§ PROBLEM DESCRIPTION:
Write out each line of the entries below that holds the word "IfcProject".

Collection entries
··········
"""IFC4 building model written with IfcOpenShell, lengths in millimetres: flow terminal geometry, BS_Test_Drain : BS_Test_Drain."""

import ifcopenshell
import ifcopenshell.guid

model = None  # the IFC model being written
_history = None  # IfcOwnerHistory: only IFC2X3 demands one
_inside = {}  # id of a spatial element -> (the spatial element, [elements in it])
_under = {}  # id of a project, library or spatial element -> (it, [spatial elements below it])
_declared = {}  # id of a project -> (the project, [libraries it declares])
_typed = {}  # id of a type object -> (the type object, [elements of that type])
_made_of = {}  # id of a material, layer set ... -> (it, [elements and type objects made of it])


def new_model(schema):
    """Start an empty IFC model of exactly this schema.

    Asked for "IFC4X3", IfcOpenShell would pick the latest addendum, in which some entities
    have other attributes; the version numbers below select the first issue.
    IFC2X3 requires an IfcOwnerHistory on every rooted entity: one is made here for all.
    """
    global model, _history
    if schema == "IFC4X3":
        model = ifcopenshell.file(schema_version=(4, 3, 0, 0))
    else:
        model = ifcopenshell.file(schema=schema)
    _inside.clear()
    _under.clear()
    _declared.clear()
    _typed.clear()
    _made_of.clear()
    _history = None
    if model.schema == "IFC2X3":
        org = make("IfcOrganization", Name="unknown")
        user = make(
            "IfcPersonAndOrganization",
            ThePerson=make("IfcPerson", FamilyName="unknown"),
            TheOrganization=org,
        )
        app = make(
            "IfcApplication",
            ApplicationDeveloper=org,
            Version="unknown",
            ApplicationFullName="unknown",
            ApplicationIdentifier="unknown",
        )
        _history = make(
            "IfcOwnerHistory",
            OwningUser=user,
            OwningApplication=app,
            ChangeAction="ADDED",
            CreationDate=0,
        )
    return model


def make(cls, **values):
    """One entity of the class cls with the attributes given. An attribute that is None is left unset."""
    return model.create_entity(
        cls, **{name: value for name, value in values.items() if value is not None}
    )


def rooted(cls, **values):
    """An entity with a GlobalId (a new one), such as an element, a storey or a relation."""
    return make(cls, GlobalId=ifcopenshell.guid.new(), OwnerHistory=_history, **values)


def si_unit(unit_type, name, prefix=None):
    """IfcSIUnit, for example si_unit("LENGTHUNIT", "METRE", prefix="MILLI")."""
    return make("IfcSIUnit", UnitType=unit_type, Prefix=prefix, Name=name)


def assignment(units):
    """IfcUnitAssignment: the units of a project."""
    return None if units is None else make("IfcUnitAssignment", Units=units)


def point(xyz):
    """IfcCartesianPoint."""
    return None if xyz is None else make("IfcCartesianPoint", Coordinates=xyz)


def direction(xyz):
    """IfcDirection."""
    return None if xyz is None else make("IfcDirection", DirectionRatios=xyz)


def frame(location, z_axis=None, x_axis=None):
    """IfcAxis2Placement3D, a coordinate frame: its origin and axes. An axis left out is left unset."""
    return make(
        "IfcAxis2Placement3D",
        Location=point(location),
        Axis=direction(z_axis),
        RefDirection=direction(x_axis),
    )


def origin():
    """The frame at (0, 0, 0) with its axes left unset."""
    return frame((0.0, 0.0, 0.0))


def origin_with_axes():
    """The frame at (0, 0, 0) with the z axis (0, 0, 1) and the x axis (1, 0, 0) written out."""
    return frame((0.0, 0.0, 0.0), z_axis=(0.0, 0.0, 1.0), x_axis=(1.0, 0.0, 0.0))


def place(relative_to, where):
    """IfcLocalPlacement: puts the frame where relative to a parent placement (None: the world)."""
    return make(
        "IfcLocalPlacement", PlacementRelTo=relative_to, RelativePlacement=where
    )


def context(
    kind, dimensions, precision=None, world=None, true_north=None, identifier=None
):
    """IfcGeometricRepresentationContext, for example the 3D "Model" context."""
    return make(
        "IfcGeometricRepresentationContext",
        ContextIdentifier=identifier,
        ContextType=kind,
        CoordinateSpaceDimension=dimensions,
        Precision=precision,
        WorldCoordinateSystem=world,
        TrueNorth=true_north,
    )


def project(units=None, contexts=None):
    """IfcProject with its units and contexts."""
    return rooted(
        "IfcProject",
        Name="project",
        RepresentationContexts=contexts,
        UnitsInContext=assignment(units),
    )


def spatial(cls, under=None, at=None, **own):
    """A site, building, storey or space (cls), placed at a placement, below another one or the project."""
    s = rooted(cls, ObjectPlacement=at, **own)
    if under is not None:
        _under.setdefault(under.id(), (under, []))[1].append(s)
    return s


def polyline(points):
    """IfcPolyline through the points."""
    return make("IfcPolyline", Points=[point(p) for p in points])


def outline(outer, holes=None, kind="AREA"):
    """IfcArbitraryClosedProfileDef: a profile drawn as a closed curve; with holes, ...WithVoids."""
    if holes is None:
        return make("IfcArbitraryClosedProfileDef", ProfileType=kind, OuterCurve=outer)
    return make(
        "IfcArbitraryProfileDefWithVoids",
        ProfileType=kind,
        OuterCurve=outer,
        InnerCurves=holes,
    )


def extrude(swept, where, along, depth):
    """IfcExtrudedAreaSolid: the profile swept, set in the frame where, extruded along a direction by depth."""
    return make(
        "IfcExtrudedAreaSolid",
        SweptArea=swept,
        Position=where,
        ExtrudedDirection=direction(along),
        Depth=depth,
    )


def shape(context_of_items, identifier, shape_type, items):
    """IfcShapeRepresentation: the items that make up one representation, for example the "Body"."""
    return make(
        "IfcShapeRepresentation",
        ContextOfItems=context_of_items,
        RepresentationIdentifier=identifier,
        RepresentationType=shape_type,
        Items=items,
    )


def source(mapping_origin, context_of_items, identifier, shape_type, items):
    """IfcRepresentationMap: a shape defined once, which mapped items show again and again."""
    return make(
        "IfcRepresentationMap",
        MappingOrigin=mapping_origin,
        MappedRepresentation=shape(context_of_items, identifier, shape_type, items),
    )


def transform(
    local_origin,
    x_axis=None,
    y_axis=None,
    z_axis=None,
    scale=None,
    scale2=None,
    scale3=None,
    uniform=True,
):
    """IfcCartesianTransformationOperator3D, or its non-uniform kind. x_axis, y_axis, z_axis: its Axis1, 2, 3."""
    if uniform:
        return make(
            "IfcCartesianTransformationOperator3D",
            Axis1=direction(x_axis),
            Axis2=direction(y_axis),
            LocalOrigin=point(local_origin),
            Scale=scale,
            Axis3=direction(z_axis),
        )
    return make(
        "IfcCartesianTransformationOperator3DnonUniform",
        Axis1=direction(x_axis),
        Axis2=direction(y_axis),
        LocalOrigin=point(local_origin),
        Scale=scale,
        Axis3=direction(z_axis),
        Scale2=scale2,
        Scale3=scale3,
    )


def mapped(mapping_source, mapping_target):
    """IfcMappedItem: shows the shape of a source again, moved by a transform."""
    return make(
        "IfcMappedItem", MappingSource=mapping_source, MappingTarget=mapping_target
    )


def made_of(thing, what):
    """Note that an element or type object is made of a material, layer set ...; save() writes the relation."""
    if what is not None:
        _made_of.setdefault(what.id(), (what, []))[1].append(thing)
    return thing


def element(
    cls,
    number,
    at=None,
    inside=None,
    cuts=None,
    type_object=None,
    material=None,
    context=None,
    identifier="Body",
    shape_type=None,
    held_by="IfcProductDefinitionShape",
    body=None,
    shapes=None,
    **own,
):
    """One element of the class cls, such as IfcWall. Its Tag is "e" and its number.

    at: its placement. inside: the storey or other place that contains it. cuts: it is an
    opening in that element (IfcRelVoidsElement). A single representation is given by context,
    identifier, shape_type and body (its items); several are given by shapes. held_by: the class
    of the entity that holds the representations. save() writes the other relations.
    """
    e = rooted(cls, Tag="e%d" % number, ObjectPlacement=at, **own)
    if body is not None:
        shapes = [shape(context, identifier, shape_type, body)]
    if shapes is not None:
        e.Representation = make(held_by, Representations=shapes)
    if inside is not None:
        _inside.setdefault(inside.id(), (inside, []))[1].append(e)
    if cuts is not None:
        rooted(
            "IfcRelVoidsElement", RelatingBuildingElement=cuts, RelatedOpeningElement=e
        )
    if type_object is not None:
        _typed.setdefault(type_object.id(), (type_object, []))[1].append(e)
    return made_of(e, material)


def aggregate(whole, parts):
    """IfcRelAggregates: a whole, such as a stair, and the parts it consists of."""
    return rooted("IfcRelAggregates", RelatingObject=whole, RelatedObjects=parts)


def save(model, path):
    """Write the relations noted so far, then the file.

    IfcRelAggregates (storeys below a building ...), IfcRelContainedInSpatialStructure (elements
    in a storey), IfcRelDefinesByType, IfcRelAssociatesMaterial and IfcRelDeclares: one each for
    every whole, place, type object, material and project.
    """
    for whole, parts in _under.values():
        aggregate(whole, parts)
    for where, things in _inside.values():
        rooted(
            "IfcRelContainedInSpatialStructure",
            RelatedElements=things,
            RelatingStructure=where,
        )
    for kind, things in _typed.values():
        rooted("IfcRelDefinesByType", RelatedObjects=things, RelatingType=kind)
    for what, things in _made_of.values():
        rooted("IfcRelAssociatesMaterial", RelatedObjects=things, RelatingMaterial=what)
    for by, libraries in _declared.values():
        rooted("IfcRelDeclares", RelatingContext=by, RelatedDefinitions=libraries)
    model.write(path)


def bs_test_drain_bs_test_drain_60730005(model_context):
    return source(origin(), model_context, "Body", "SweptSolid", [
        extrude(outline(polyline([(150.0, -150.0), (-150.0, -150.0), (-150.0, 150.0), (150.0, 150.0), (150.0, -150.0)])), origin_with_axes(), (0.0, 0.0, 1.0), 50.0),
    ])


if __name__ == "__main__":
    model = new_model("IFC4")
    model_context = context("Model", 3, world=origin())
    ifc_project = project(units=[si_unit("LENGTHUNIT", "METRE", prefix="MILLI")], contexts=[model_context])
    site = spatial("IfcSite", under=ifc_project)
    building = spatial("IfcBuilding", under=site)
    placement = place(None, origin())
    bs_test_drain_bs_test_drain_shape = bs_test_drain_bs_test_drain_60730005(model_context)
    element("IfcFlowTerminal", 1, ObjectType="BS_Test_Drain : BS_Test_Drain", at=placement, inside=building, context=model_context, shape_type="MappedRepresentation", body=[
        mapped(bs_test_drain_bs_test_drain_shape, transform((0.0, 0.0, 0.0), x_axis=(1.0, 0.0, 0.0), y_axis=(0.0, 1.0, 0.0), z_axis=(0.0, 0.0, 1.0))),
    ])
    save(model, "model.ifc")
··········
§ SOLUTION TO THIS EXERCISE:
    """IfcProject with its units and contexts."""
        "IfcProject",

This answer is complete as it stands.